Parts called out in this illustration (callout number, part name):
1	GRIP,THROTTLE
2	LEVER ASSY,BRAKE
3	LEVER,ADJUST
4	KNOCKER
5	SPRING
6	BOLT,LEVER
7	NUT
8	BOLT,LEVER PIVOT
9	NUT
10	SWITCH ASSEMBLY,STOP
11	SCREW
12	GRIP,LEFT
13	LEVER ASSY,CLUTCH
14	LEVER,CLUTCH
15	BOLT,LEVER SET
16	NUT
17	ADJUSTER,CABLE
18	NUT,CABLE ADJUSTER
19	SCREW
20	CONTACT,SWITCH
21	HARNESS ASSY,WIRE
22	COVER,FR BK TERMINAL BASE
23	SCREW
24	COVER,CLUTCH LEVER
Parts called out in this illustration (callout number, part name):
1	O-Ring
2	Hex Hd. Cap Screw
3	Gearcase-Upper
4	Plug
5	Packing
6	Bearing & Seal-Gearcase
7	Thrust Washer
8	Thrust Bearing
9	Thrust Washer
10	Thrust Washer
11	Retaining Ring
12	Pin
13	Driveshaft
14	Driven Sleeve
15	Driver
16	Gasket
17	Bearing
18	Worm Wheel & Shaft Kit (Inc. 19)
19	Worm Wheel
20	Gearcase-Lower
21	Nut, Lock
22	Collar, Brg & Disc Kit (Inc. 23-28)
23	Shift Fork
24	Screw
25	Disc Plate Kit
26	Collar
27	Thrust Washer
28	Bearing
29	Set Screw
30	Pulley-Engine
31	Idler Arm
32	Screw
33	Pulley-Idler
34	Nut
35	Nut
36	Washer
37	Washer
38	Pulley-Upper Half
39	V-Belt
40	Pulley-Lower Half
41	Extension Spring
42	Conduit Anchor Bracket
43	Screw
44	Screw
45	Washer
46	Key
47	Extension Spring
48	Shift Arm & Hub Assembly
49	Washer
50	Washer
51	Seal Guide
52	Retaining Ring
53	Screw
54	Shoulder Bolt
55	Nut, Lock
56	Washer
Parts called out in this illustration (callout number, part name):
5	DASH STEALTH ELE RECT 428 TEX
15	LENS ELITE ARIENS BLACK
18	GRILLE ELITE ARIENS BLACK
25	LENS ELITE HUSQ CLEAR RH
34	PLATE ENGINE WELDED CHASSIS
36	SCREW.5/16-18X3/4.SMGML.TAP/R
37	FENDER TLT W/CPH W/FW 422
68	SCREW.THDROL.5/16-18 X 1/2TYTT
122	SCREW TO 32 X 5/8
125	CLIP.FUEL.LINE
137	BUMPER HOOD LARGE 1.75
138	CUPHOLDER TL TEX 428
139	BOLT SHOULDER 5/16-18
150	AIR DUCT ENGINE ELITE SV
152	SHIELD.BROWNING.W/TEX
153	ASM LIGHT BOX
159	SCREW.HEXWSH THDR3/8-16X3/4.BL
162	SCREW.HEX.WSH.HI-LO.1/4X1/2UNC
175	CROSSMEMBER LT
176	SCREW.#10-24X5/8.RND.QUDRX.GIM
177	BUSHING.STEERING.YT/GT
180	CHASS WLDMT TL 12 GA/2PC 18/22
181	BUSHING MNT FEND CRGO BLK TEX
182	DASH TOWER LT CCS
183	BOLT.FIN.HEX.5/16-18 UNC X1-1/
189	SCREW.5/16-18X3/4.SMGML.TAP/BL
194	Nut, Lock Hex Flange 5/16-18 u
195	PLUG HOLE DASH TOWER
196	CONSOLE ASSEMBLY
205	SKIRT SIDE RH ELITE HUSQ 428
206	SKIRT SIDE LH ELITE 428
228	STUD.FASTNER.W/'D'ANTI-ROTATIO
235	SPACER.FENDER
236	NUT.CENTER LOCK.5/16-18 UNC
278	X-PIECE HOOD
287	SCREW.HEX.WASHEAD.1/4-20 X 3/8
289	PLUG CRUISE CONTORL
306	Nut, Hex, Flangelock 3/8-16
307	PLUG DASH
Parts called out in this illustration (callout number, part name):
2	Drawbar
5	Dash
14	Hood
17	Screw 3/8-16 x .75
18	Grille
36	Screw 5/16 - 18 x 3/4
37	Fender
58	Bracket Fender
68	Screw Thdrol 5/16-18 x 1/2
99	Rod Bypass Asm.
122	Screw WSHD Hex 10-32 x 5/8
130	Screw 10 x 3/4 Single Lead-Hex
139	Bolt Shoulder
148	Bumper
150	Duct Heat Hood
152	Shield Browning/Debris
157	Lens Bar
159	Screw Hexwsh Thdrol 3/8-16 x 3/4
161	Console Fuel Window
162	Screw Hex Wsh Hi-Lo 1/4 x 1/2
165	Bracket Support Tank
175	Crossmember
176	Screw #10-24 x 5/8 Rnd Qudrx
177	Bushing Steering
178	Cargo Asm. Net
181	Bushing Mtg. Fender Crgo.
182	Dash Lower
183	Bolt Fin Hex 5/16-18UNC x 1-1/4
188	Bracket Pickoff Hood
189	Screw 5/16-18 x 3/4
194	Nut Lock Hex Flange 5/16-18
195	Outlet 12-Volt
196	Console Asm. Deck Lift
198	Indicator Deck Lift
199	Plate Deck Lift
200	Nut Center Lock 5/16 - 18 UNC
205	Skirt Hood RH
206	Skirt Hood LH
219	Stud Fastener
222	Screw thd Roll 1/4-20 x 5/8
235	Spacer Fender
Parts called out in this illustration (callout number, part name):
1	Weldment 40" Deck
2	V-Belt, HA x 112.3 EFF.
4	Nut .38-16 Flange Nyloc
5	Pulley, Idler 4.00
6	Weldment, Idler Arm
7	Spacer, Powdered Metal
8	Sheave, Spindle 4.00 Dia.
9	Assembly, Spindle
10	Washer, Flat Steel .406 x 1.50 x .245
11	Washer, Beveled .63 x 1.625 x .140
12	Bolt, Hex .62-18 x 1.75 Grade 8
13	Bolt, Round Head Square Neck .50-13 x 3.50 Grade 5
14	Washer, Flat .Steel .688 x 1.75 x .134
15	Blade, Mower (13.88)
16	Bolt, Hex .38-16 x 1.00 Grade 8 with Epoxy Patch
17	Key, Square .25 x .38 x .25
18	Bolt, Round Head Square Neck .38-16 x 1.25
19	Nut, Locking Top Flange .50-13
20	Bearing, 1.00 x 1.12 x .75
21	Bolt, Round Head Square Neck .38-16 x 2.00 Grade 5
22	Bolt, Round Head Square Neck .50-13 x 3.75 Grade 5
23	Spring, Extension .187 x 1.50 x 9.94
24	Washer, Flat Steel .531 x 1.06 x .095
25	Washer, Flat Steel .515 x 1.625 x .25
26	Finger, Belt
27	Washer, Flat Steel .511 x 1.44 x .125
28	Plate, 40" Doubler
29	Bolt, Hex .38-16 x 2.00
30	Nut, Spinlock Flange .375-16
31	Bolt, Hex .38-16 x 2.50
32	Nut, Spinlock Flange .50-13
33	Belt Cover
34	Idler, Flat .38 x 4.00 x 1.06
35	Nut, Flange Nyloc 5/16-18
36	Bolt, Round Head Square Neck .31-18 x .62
..........
WHAT IS EXPECTED:
Every entry shown earlier is to be returned exactly, line for line.

EXERCISE SOLUTION:
Parts called out in this illustration (callout number, part name):
1	GRIP,THROTTLE
2	LEVER ASSY,BRAKE
3	LEVER,ADJUST
4	KNOCKER
5	SPRING
6	BOLT,LEVER
7	NUT
8	BOLT,LEVER PIVOT
9	NUT
10	SWITCH ASSEMBLY,STOP
11	SCREW
12	GRIP,LEFT
13	LEVER ASSY,CLUTCH
14	LEVER,CLUTCH
15	BOLT,LEVER SET
16	NUT
17	ADJUSTER,CABLE
18	NUT,CABLE ADJUSTER
19	SCREW
20	CONTACT,SWITCH
21	HARNESS ASSY,WIRE
22	COVER,FR BK TERMINAL BASE
23	SCREW
24	COVER,CLUTCH LEVER
Parts called out in this illustration (callout number, part name):
1	O-Ring
2	Hex Hd. Cap Screw
3	Gearcase-Upper
4	Plug
5	Packing
6	Bearing & Seal-Gearcase
7	Thrust Washer
8	Thrust Bearing
9	Thrust Washer
10	Thrust Washer
11	Retaining Ring
12	Pin
13	Driveshaft
14	Driven Sleeve
15	Driver
16	Gasket
17	Bearing
18	Worm Wheel & Shaft Kit (Inc. 19)
19	Worm Wheel
20	Gearcase-Lower
21	Nut, Lock
22	Collar, Brg & Disc Kit (Inc. 23-28)
23	Shift Fork
24	Screw
25	Disc Plate Kit
26	Collar
27	Thrust Washer
28	Bearing
29	Set Screw
30	Pulley-Engine
31	Idler Arm
32	Screw
33	Pulley-Idler
34	Nut
35	Nut
36	Washer
37	Washer
38	Pulley-Upper Half
39	V-Belt
40	Pulley-Lower Half
41	Extension Spring
42	Conduit Anchor Bracket
43	Screw
44	Screw
45	Washer
46	Key
47	Extension Spring
48	Shift Arm & Hub Assembly
49	Washer
50	Washer
51	Seal Guide
52	Retaining Ring
53	Screw
54	Shoulder Bolt
55	Nut, Lock
56	Washer
Parts called out in this illustration (callout number, part name):
5	DASH STEALTH ELE RECT 428 TEX
15	LENS ELITE ARIENS BLACK
18	GRILLE ELITE ARIENS BLACK
25	LENS ELITE HUSQ CLEAR RH
34	PLATE ENGINE WELDED CHASSIS
36	SCREW.5/16-18X3/4.SMGML.TAP/R
37	FENDER TLT W/CPH W/FW 422
68	SCREW.THDROL.5/16-18 X 1/2TYTT
122	SCREW TO 32 X 5/8
125	CLIP.FUEL.LINE
137	BUMPER HOOD LARGE 1.75
138	CUPHOLDER TL TEX 428
139	BOLT SHOULDER 5/16-18
150	AIR DUCT ENGINE ELITE SV
152	SHIELD.BROWNING.W/TEX
153	ASM LIGHT BOX
159	SCREW.HEXWSH THDR3/8-16X3/4.BL
162	SCREW.HEX.WSH.HI-LO.1/4X1/2UNC
175	CROSSMEMBER LT
176	SCREW.#10-24X5/8.RND.QUDRX.GIM
177	BUSHING.STEERING.YT/GT
180	CHASS WLDMT TL 12 GA/2PC 18/22
181	BUSHING MNT FEND CRGO BLK TEX
182	DASH TOWER LT CCS
183	BOLT.FIN.HEX.5/16-18 UNC X1-1/
189	SCREW.5/16-18X3/4.SMGML.TAP/BL
194	Nut, Lock Hex Flange 5/16-18 u
195	PLUG HOLE DASH TOWER
196	CONSOLE ASSEMBLY
205	SKIRT SIDE RH ELITE HUSQ 428
206	SKIRT SIDE LH ELITE 428
228	STUD.FASTNER.W/'D'ANTI-ROTATIO
235	SPACER.FENDER
236	NUT.CENTER LOCK.5/16-18 UNC
278	X-PIECE HOOD
287	SCREW.HEX.WASHEAD.1/4-20 X 3/8
289	PLUG CRUISE CONTORL
306	Nut, Hex, Flangelock 3/8-16
307	PLUG DASH
Parts called out in this illustration (callout number, part name):
2	Drawbar
5	Dash
14	Hood
17	Screw 3/8-16 x .75
18	Grille
36	Screw 5/16 - 18 x 3/4
37	Fender
58	Bracket Fender
68	Screw Thdrol 5/16-18 x 1/2
99	Rod Bypass Asm.
122	Screw WSHD Hex 10-32 x 5/8
130	Screw 10 x 3/4 Single Lead-Hex
139	Bolt Shoulder
148	Bumper
150	Duct Heat Hood
152	Shield Browning/Debris
157	Lens Bar
159	Screw Hexwsh Thdrol 3/8-16 x 3/4
161	Console Fuel Window
162	Screw Hex Wsh Hi-Lo 1/4 x 1/2
165	Bracket Support Tank
175	Crossmember
176	Screw #10-24 x 5/8 Rnd Qudrx
177	Bushing Steering
178	Cargo Asm. Net
181	Bushing Mtg. Fender Crgo.
182	Dash Lower
183	Bolt Fin Hex 5/16-18UNC x 1-1/4
188	Bracket Pickoff Hood
189	Screw 5/16-18 x 3/4
194	Nut Lock Hex Flange 5/16-18
195	Outlet 12-Volt
196	Console Asm. Deck Lift
198	Indicator Deck Lift
199	Plate Deck Lift
200	Nut Center Lock 5/16 - 18 UNC
205	Skirt Hood RH
206	Skirt Hood LH
219	Stud Fastener
222	Screw thd Roll 1/4-20 x 5/8
235	Spacer Fender
Parts called out in this illustration (callout number, part name):
1	Weldment 40" Deck
2	V-Belt, HA x 112.3 EFF.
4	Nut .38-16 Flange Nyloc
5	Pulley, Idler 4.00
6	Weldment, Idler Arm
7	Spacer, Powdered Metal
8	Sheave, Spindle 4.00 Dia.
9	Assembly, Spindle
10	Washer, Flat Steel .406 x 1.50 x .245
11	Washer, Beveled .63 x 1.625 x .140
12	Bolt, Hex .62-18 x 1.75 Grade 8
13	Bolt, Round Head Square Neck .50-13 x 3.50 Grade 5
14	Washer, Flat .Steel .688 x 1.75 x .134
15	Blade, Mower (13.88)
16	Bolt, Hex .38-16 x 1.00 Grade 8 with Epoxy Patch
17	Key, Square .25 x .38 x .25
18	Bolt, Round Head Square Neck .38-16 x 1.25
19	Nut, Locking Top Flange .50-13
20	Bearing, 1.00 x 1.12 x .75
21	Bolt, Round Head Square Neck .38-16 x 2.00 Grade 5
22	Bolt, Round Head Square Neck .50-13 x 3.75 Grade 5
23	Spring, Extension .187 x 1.50 x 9.94
24	Washer, Flat Steel .531 x 1.06 x .095
25	Washer, Flat Steel .515 x 1.625 x .25
26	Finger, Belt
27	Washer, Flat Steel .511 x 1.44 x .125
28	Plate, 40" Doubler
29	Bolt, Hex .38-16 x 2.00
30	Nut, Spinlock Flange .375-16
31	Bolt, Hex .38-16 x 2.50
32	Nut, Spinlock Flange .50-13
33	Belt Cover
34	Idler, Flat .38 x 4.00 x 1.06
35	Nut, Flange Nyloc 5/16-18
36	Bolt, Round Head Square Neck .31-18 x .62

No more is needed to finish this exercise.